■ **Items from a data source**:
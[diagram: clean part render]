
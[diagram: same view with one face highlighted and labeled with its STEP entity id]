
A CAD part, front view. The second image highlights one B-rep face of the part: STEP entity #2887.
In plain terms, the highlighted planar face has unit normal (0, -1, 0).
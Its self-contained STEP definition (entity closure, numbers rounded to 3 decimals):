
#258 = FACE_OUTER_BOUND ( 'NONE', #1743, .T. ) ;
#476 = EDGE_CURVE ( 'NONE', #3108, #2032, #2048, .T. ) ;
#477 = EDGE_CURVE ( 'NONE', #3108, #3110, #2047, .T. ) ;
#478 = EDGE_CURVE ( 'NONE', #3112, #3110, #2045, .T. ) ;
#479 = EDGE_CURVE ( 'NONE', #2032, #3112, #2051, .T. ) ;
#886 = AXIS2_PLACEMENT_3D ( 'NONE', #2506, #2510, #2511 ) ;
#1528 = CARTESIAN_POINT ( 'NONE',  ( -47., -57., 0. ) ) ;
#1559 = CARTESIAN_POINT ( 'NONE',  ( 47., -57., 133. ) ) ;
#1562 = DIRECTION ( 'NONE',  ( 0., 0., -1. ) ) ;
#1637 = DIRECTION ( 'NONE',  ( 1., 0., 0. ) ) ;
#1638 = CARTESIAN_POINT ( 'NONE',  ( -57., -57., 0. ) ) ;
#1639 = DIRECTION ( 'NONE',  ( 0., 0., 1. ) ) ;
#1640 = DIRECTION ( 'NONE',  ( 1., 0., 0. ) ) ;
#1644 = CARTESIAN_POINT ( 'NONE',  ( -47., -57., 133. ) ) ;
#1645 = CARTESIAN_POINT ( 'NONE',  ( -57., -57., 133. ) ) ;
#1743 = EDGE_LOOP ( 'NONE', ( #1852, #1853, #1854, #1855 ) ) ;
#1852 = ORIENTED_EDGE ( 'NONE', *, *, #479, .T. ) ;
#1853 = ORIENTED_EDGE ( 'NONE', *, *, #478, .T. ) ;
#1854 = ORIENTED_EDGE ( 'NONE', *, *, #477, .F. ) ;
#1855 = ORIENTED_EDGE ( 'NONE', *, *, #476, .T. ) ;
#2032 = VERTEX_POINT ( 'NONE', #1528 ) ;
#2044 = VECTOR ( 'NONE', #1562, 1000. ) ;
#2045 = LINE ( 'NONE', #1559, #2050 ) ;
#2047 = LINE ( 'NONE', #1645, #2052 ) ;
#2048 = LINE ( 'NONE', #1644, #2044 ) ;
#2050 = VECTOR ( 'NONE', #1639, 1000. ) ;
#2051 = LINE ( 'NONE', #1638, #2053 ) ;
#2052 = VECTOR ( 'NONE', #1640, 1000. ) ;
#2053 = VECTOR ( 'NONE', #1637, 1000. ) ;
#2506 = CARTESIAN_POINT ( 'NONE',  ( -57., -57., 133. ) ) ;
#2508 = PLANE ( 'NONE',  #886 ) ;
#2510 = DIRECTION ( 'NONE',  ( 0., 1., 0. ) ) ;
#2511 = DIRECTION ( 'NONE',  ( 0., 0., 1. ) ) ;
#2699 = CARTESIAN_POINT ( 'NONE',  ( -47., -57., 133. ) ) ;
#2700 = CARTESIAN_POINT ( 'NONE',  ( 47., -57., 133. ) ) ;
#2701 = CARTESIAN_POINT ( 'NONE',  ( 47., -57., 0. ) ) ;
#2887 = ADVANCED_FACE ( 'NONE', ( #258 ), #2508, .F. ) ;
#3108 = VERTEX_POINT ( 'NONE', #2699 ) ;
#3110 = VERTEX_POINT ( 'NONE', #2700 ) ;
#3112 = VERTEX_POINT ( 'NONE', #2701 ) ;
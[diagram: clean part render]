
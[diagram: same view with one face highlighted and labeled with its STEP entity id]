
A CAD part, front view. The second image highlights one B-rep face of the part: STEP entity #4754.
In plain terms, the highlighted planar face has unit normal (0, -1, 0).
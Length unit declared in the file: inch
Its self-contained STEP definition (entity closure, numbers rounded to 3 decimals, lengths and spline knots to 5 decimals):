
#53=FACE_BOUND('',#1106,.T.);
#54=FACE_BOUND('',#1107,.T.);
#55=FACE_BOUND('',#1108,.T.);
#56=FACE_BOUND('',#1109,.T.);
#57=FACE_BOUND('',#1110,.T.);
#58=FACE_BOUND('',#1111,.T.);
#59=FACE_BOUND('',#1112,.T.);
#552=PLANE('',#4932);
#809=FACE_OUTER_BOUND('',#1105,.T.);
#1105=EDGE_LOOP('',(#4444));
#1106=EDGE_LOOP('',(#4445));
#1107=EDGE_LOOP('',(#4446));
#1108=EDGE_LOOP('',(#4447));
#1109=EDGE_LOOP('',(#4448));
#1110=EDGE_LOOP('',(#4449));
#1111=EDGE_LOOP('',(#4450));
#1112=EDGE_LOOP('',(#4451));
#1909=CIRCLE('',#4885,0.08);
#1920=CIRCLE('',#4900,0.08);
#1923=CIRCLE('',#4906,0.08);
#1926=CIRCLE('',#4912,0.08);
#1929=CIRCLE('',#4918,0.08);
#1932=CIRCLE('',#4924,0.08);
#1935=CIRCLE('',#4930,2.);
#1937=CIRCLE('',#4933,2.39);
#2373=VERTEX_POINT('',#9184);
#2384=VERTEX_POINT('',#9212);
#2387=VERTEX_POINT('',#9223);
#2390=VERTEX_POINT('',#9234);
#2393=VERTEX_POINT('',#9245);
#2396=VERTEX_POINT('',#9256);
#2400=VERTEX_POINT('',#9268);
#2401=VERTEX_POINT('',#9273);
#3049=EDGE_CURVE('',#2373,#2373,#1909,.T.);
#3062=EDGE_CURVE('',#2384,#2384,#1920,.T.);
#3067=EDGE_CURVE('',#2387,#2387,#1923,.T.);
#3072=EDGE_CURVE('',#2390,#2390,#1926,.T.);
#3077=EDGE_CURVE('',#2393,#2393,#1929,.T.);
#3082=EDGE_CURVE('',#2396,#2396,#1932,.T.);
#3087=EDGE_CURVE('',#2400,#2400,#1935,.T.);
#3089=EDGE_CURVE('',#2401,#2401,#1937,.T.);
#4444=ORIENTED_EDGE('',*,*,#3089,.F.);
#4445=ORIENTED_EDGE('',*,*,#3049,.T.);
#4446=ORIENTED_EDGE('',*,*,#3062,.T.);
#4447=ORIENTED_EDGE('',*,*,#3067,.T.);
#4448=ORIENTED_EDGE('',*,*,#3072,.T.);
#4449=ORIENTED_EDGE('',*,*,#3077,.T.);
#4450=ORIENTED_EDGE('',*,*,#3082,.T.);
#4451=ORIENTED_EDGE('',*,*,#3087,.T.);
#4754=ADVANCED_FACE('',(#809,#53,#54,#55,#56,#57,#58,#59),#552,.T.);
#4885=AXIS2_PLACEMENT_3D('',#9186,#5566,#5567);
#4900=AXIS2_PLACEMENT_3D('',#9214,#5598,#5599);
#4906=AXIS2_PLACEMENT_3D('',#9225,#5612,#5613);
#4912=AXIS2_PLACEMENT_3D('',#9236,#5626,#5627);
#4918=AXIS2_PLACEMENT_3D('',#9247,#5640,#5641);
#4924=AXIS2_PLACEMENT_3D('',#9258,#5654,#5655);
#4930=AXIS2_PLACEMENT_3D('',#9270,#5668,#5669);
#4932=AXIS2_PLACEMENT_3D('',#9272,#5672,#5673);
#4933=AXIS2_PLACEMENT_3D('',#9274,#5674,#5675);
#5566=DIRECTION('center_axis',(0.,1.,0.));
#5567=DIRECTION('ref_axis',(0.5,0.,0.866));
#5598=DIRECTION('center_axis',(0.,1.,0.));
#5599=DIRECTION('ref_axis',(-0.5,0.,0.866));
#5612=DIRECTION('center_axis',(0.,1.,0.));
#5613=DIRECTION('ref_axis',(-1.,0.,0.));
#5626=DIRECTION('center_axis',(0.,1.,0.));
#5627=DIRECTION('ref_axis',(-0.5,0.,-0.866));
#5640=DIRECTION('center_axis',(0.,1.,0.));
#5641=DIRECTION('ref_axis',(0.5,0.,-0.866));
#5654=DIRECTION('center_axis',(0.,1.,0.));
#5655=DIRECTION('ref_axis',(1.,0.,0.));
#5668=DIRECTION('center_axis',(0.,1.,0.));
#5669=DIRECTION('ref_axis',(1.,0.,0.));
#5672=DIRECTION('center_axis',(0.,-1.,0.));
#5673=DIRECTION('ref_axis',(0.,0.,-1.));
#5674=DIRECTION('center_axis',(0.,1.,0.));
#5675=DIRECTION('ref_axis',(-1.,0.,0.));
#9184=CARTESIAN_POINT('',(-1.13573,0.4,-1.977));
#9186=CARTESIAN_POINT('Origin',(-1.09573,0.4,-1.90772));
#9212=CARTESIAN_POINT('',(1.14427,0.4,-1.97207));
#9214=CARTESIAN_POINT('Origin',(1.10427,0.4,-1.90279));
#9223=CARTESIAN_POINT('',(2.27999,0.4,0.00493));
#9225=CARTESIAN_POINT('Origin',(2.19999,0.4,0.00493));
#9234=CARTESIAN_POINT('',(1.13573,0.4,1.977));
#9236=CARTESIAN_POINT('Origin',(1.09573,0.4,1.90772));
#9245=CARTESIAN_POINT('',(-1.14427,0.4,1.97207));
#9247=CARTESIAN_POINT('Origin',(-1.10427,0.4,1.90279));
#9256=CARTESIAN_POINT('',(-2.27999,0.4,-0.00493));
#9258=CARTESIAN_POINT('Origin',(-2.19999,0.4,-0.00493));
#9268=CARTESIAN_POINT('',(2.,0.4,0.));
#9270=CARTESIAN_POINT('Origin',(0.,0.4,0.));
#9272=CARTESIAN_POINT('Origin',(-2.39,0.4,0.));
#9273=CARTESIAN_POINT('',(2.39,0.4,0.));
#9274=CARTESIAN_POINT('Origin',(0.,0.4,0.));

■ **What you are asked to do**: Could you restate, word for word, the lines above from the one with "#4451=ORIENTED_EDGE('',*,*,#3087,.T.);" to the one with "#4918=AXIS2_PLACEMENT_3D('',#9247,#5640,#5641);", both included?

■ **Reply to the task**:
#4451=ORIENTED_EDGE('',*,*,#3087,.T.);
#4754=ADVANCED_FACE('',(#809,#53,#54,#55,#56,#57,#58,#59),#552,.T.);
#4885=AXIS2_PLACEMENT_3D('',#9186,#5566,#5567);
#4900=AXIS2_PLACEMENT_3D('',#9214,#5598,#5599);
#4906=AXIS2_PLACEMENT_3D('',#9225,#5612,#5613);
#4912=AXIS2_PLACEMENT_3D('',#9236,#5626,#5627);
#4918=AXIS2_PLACEMENT_3D('',#9247,#5640,#5641);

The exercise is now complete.